There are other approaches that have been shown to be effective in reducing stress that contributes to chronic pain. Mindfulness-based stress reduction (MBSR) has been used since 1979 and has shown to be of benefit for pain reduction.

Kabat-Zinn, founder of this technique, states, “In MBSR, we emphasize that awareness and thinking are very different capacities. Both, of course, are extremely potent and valuable, but from the perspective of mindfulness, it is awareness that is healing, rather than mere thinking. Also, it is only awareness itself that can balance out all of our various inflammations of thought and the emotional agitations and distortions that accompany the frequent storms that blow through the mind, especially in the face of a chronic pain condition.” 

According to this technique, mindfulness provides a more accurate perception of pain. For instance, you might think that you are in pain all day. However, when you bring awareness to your pain you might reveal that it peaks, valleys and completely subsides. For example, a client believed that his pain was constant throughout the day. When he examined his pain, he realized it hits him about six times a day. This awareness helped to lift his frustration and anxiety.

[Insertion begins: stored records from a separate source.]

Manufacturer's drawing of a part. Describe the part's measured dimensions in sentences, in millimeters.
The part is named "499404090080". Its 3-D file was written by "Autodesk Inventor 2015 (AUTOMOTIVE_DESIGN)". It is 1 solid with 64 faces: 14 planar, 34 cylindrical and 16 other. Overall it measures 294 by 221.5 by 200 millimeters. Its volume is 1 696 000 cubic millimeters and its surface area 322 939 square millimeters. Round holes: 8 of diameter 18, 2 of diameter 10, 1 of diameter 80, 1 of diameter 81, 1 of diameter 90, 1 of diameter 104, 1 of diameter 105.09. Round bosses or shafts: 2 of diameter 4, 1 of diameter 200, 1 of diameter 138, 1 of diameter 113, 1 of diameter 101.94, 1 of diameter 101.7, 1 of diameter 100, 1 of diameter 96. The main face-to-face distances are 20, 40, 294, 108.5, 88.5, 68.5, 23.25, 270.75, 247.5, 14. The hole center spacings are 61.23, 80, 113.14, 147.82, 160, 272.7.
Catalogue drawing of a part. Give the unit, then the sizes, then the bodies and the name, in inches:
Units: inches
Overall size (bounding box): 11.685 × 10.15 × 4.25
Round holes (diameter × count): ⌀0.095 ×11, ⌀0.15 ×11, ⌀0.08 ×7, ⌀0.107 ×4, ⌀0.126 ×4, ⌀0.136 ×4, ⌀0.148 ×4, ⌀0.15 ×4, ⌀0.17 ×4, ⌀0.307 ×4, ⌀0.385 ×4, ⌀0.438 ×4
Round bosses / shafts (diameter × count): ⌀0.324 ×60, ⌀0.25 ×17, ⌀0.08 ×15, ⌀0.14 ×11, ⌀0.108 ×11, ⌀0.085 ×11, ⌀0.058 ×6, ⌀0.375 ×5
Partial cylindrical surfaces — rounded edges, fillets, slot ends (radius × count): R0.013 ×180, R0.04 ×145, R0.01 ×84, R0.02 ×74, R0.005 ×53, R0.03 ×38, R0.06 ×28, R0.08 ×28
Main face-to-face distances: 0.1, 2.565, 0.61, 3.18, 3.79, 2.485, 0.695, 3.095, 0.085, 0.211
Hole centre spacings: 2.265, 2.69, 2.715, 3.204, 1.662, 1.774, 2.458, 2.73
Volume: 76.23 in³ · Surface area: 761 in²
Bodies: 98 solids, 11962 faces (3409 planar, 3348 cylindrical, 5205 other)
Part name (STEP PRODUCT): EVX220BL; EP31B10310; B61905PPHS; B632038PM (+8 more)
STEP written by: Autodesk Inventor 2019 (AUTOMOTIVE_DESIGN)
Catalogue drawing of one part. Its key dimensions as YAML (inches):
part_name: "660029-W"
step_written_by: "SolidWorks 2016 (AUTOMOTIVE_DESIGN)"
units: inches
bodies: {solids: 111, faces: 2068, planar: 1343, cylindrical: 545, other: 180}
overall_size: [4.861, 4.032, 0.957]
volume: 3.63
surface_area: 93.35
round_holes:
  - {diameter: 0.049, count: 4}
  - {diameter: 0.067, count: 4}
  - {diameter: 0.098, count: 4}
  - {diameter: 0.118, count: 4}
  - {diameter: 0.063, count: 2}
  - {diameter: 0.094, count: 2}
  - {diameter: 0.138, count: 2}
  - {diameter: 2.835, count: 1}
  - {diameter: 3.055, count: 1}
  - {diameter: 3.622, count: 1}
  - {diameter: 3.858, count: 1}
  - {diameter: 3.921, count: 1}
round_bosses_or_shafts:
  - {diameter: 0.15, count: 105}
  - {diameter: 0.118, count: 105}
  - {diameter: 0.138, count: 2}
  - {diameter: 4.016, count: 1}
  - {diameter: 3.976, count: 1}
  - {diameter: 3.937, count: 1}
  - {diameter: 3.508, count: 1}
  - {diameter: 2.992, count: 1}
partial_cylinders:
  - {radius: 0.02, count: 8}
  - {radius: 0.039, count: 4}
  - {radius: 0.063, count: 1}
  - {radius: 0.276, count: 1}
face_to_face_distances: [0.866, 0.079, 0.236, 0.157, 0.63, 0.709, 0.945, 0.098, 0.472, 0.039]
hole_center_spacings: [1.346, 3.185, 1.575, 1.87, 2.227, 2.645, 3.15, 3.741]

Three easy techniques that can be used with patients are:

  1. Body scan: A body scan involves bringing awareness to each body part. The patient mentally scans each part of their body. But bringing attention to what the brain usually wants to move away from teaches your mind to not immediately react. Instead it shows the brain that experience that it can actually be with what is there. 
  2. Breathing: When pain begins our brains react immediately with negative thoughts. While it may be difficult to stop these initial reactions, a patient can be trained to calm their mind and “ground your breath”. By simply breathing in slowing, then out slowly while thinking “in” and “out,” we train our minds to calm and not overreact.
  3. Distractions: A distraction can be a helpful tool when pain intensity is high. Patients should be encouraged to pick a healthy distraction. This could be anything from playing a game, talking to a friend, or listening to music.

While different techniques may work for different patients, clinicians should be aware of the impact stress has on chronic pain and seek ways to reduce the pain for effective management.